### Task brief:
Before printing the listing, strip out its pictures and keep everything else exact.

Supplied data Start Marker

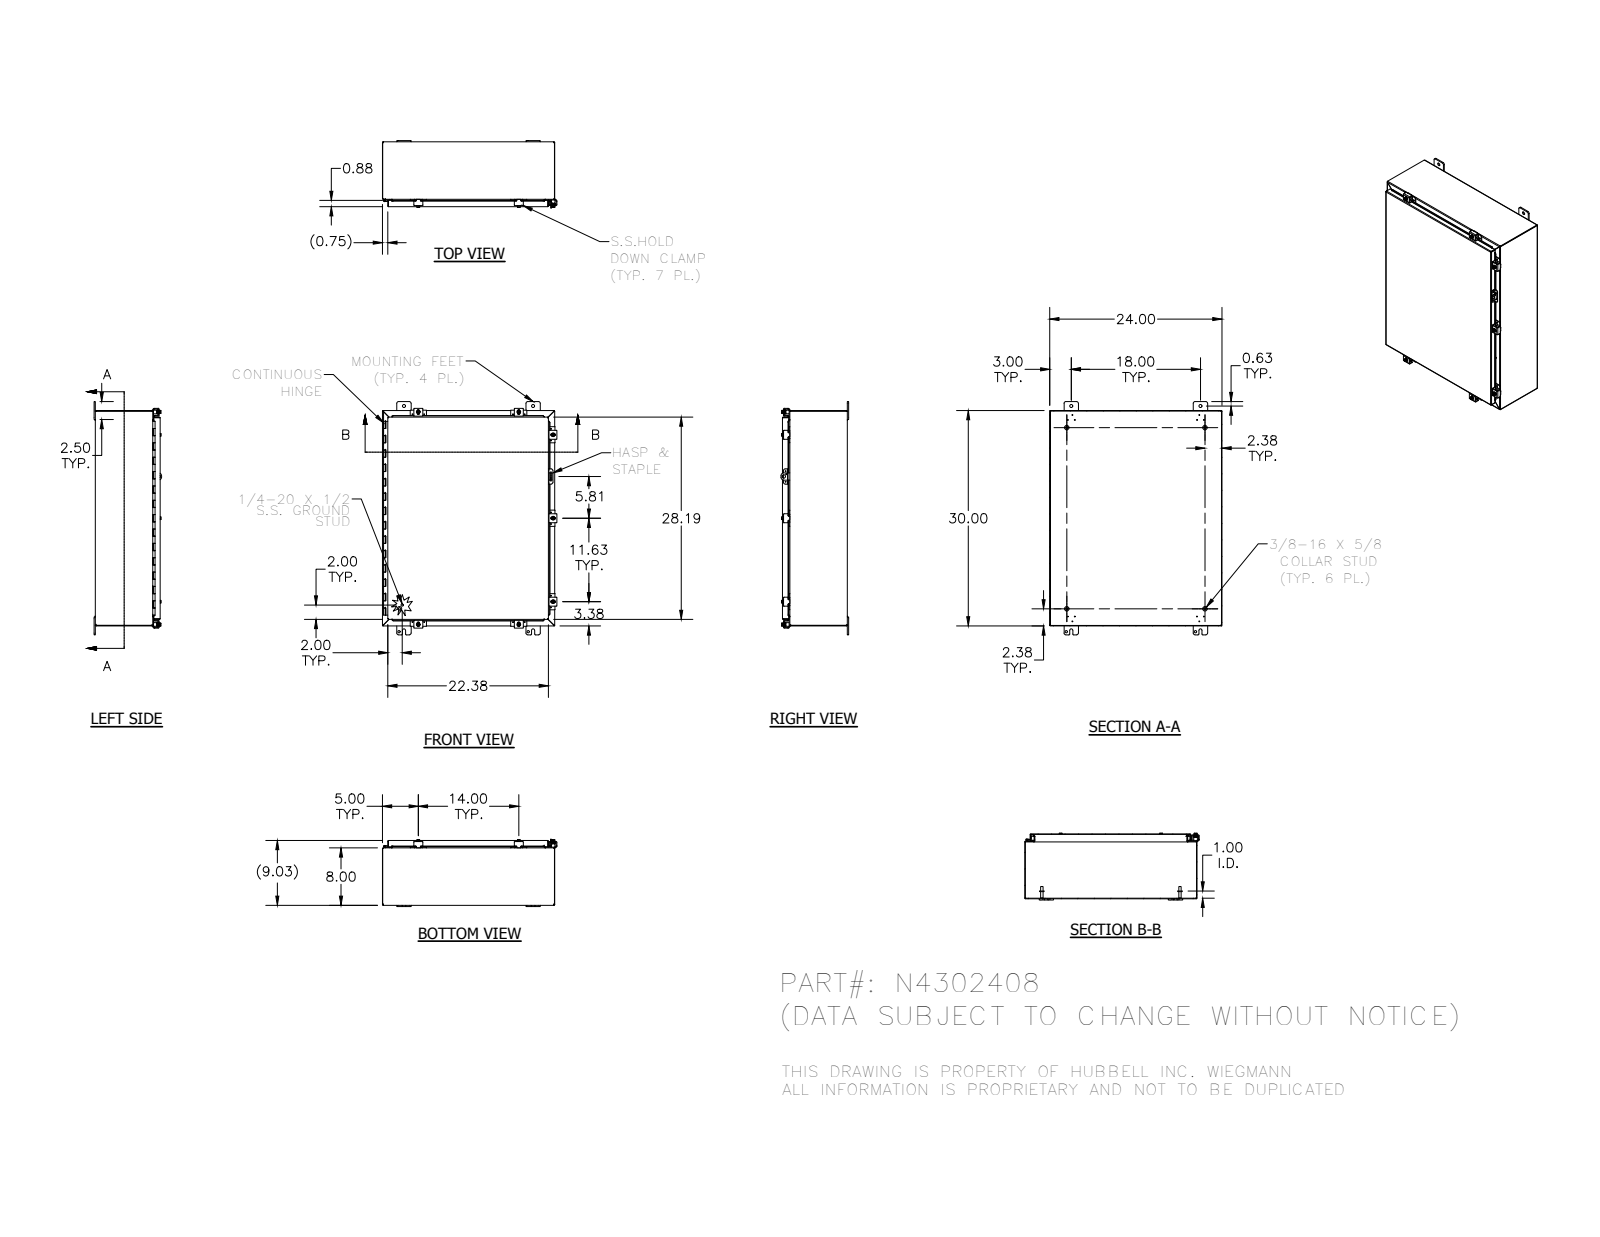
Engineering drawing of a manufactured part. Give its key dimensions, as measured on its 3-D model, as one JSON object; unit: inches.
{"part_name": "30824-1_1; 388116_1; 38420_1; 328106P-1_1 (+8 more)", "step_written_by": "SolidWorks 2014 (AUTOMOTIVE_DESIGN)", "units": "inches", "bodies": {"solids": 52, "faces": 2311, "planar": 889, "cylindrical": 1039, "other": 383}, "overall_size": [32.5, 24.311, 9.41], "volume_in3": 209, "surface_area_in2": 5474, "round_holes": [[0.11, 17], [0.12, 12], [0.211, 7], [0.281, 7], [0.3, 7], [0.313, 4], [0.438, 4], [0.125, 1], [0.156, 1], [0.5, 1]], "round_bosses_or_shafts": [[0.25, 9], [0.52, 7], [0.5, 7], [0.35, 7], [0.625, 4], [0.33, 4], [0.115, 2], [0.337, 1]], "partial_cylinders_radius": [[0.03, 83], [0.062, 41], [0.125, 37], [0.25, 33], [0.031, 23], [0.105, 23], [0.063, 14], [0.141, 14]], "face_to_face_distances": [0.074, 8.959, 8.885, 9.033, 23.926, 29.926, 7.926, 1.033, 24, 23.852], "hole_center_spacings": [18, 0.876, 0.759, 0.94, 0.969, 1.995, 17.37, 18.339]}
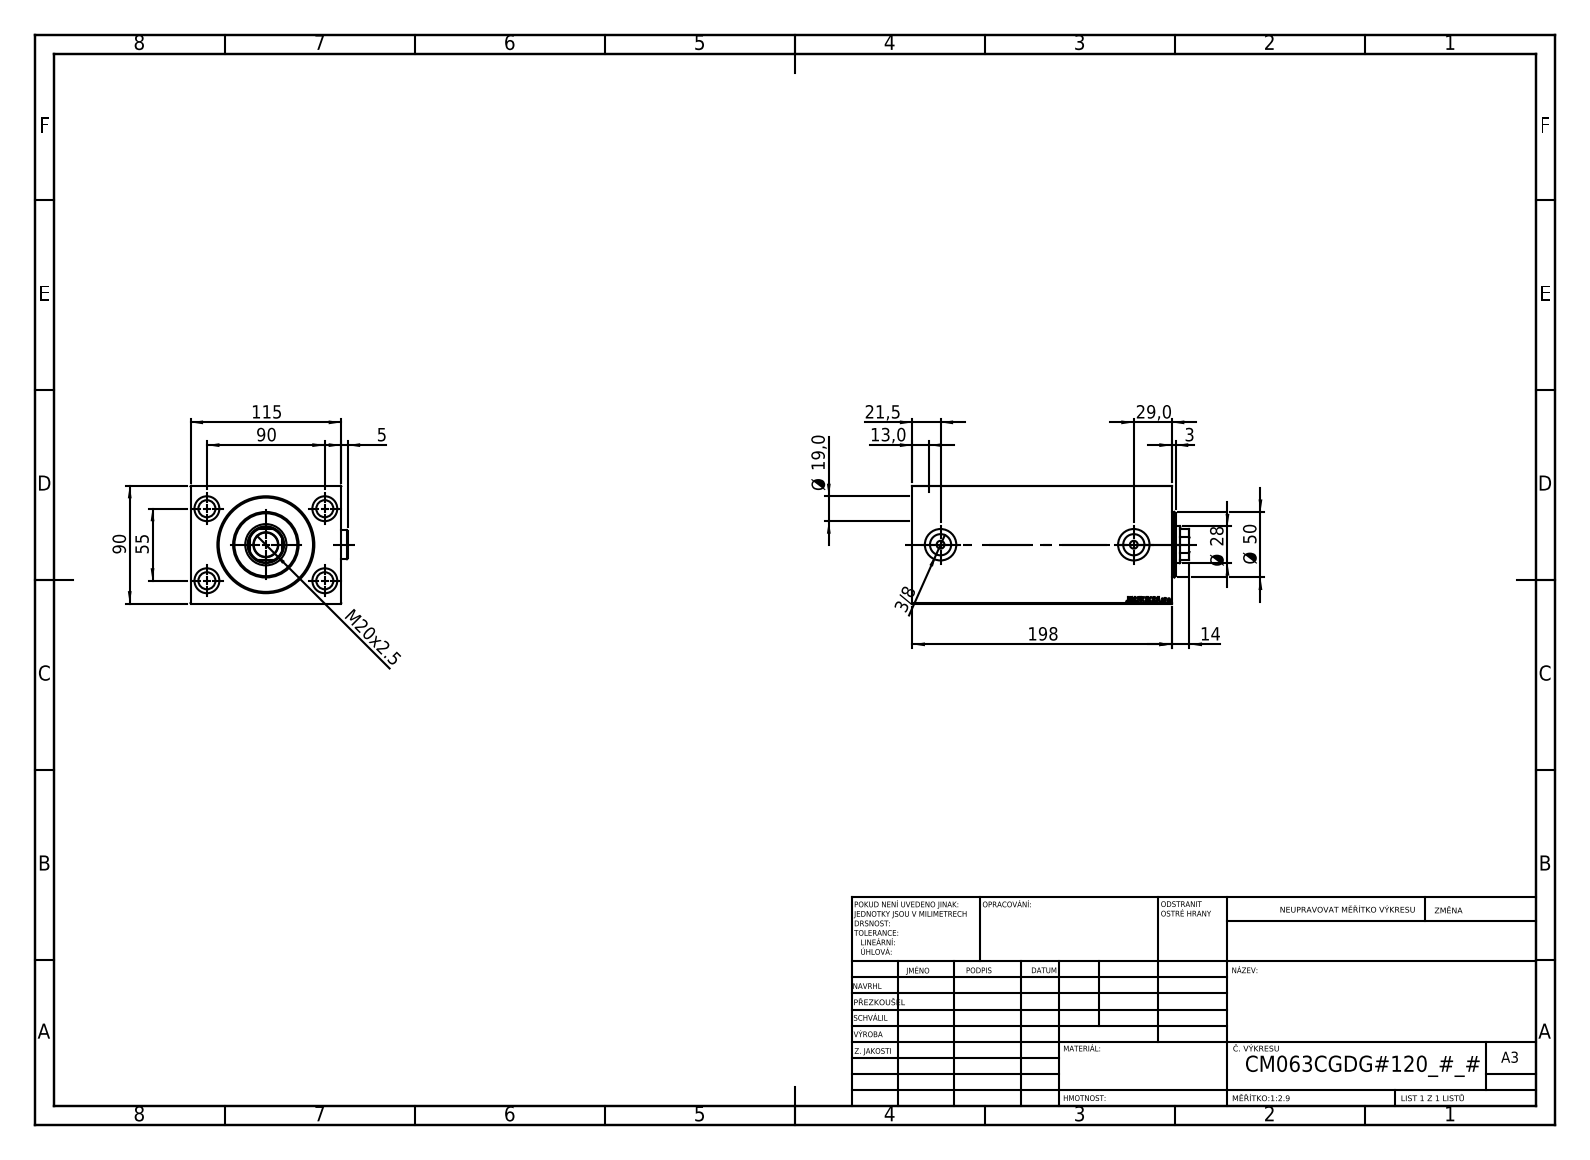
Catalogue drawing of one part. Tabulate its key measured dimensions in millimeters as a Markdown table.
| quantity | value |
| --- | --- |
| part name | V450CM_C_Body; Zatka_OIL_PORT; V450CM_C_VCP; V450CM_VC_B |
| STEP written by | SolidWorks 2019 (CONFIG_CONTROL_DESIGN) |
| units | millimeters |
| bodies | 5 solids, 919 faces (443 planar, 78 cylindrical, 398 other) |
| overall size | 211.5 × 119.9 × 90 |
| volume | 1 623 000 mm³ |
| surface area | 218 078 mm² |
| round holes (diameter × count) | 13 × 4, 19 × 4, 6 × 2, 16.17 × 2, 24 × 2, 18.5 × 1, 28 × 1, 31.5 × 1, 63 × 1, 65 × 1, 72 × 1 |
| round bosses / shafts (diameter × count) | 22 × 2, 50 × 1 |
| partial cylindrical surfaces (radius × count) | 13.5 × 1 |
| main face-to-face distances | 90, 115, 198, 17.5, 180.5, 13.5, 167, 184.5, 64.5, 133.5 |
| hole center spacings | 52.74, 55, 90, 105.48, 147.5 |
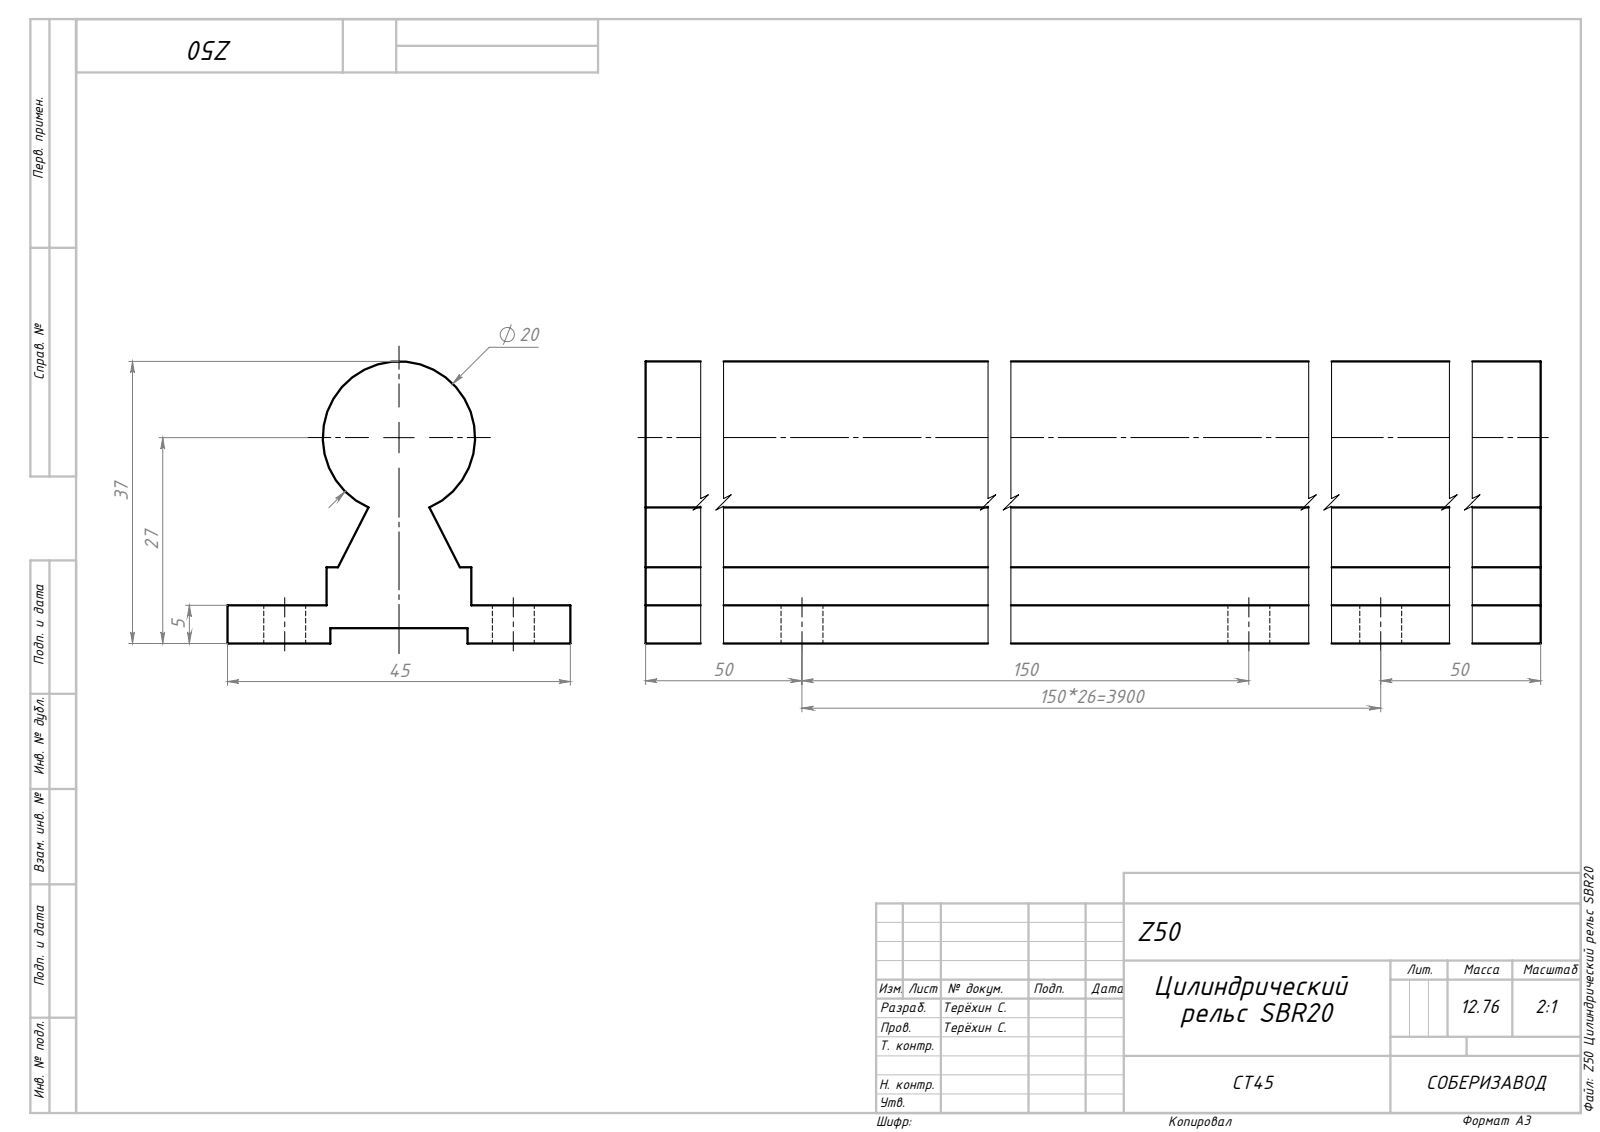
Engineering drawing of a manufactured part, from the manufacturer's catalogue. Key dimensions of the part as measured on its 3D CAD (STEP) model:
Part name (STEP PRODUCT): Z50 Цилиндрический рельс SBR20_00; Сборка3
STEP written by: SolidWorks 2022 (AUTOMOTIVE_DESIGN)
Units: millimetres
Bodies: 1 solid, 128 faces (17 planar, 111 cylindrical, 0 other)
Overall size (bounding box): 4000 × 45 × 37
Volume: 2 744 000 mm³ · Surface area: 684 256 mm²
Round holes (diameter × count): ⌀5.5 ×54
Round bosses / shafts (diameter × count): ⌀20 ×1
Main face-to-face distances: 5, 2, 3, 13, 32, 45, 19, 13.5, 31.5, 0.5
Hole centre spacings: 150, 300, 450, 600, 750, 900, 1050, 1200

Supplied data End Marker

### Response below:
Engineering drawing of a manufactured part. Give its key dimensions, as measured on its 3-D model, as one JSON object; unit: inches.
{"part_name": "30824-1_1; 388116_1; 38420_1; 328106P-1_1 (+8 more)", "step_written_by": "SolidWorks 2014 (AUTOMOTIVE_DESIGN)", "units": "inches", "bodies": {"solids": 52, "faces": 2311, "planar": 889, "cylindrical": 1039, "other": 383}, "overall_size": [32.5, 24.311, 9.41], "volume_in3": 209, "surface_area_in2": 5474, "round_holes": [[0.11, 17], [0.12, 12], [0.211, 7], [0.281, 7], [0.3, 7], [0.313, 4], [0.438, 4], [0.125, 1], [0.156, 1], [0.5, 1]], "round_bosses_or_shafts": [[0.25, 9], [0.52, 7], [0.5, 7], [0.35, 7], [0.625, 4], [0.33, 4], [0.115, 2], [0.337, 1]], "partial_cylinders_radius": [[0.03, 83], [0.062, 41], [0.125, 37], [0.25, 33], [0.031, 23], [0.105, 23], [0.063, 14], [0.141, 14]], "face_to_face_distances": [0.074, 8.959, 8.885, 9.033, 23.926, 29.926, 7.926, 1.033, 24, 23.852], "hole_center_spacings": [18, 0.876, 0.759, 0.94, 0.969, 1.995, 17.37, 18.339]}
Catalogue drawing of one part. Tabulate its key measured dimensions in millimeters as a Markdown table.
| quantity | value |
| --- | --- |
| part name | V450CM_C_Body; Zatka_OIL_PORT; V450CM_C_VCP; V450CM_VC_B |
| STEP written by | SolidWorks 2019 (CONFIG_CONTROL_DESIGN) |
| units | millimeters |
| bodies | 5 solids, 919 faces (443 planar, 78 cylindrical, 398 other) |
| overall size | 211.5 × 119.9 × 90 |
| volume | 1 623 000 mm³ |
| surface area | 218 078 mm² |
| round holes (diameter × count) | 13 × 4, 19 × 4, 6 × 2, 16.17 × 2, 24 × 2, 18.5 × 1, 28 × 1, 31.5 × 1, 63 × 1, 65 × 1, 72 × 1 |
| round bosses / shafts (diameter × count) | 22 × 2, 50 × 1 |
| partial cylindrical surfaces (radius × count) | 13.5 × 1 |
| main face-to-face distances | 90, 115, 198, 17.5, 180.5, 13.5, 167, 184.5, 64.5, 133.5 |
| hole center spacings | 52.74, 55, 90, 105.48, 147.5 |
Engineering drawing of a manufactured part, from the manufacturer's catalogue. Key dimensions of the part as measured on its 3D CAD (STEP) model:
Part name (STEP PRODUCT): Z50 Цилиндрический рельс SBR20_00; Сборка3
STEP written by: SolidWorks 2022 (AUTOMOTIVE_DESIGN)
Units: millimetres
Bodies: 1 solid, 128 faces (17 planar, 111 cylindrical, 0 other)
Overall size (bounding box): 4000 × 45 × 37
Volume: 2 744 000 mm³ · Surface area: 684 256 mm²
Round holes (diameter × count): ⌀5.5 ×54
Round bosses / shafts (diameter × count): ⌀20 ×1
Main face-to-face distances: 5, 2, 3, 13, 32, 45, 19, 13.5, 31.5, 0.5
Hole centre spacings: 150, 300, 450, 600, 750, 900, 1050, 1200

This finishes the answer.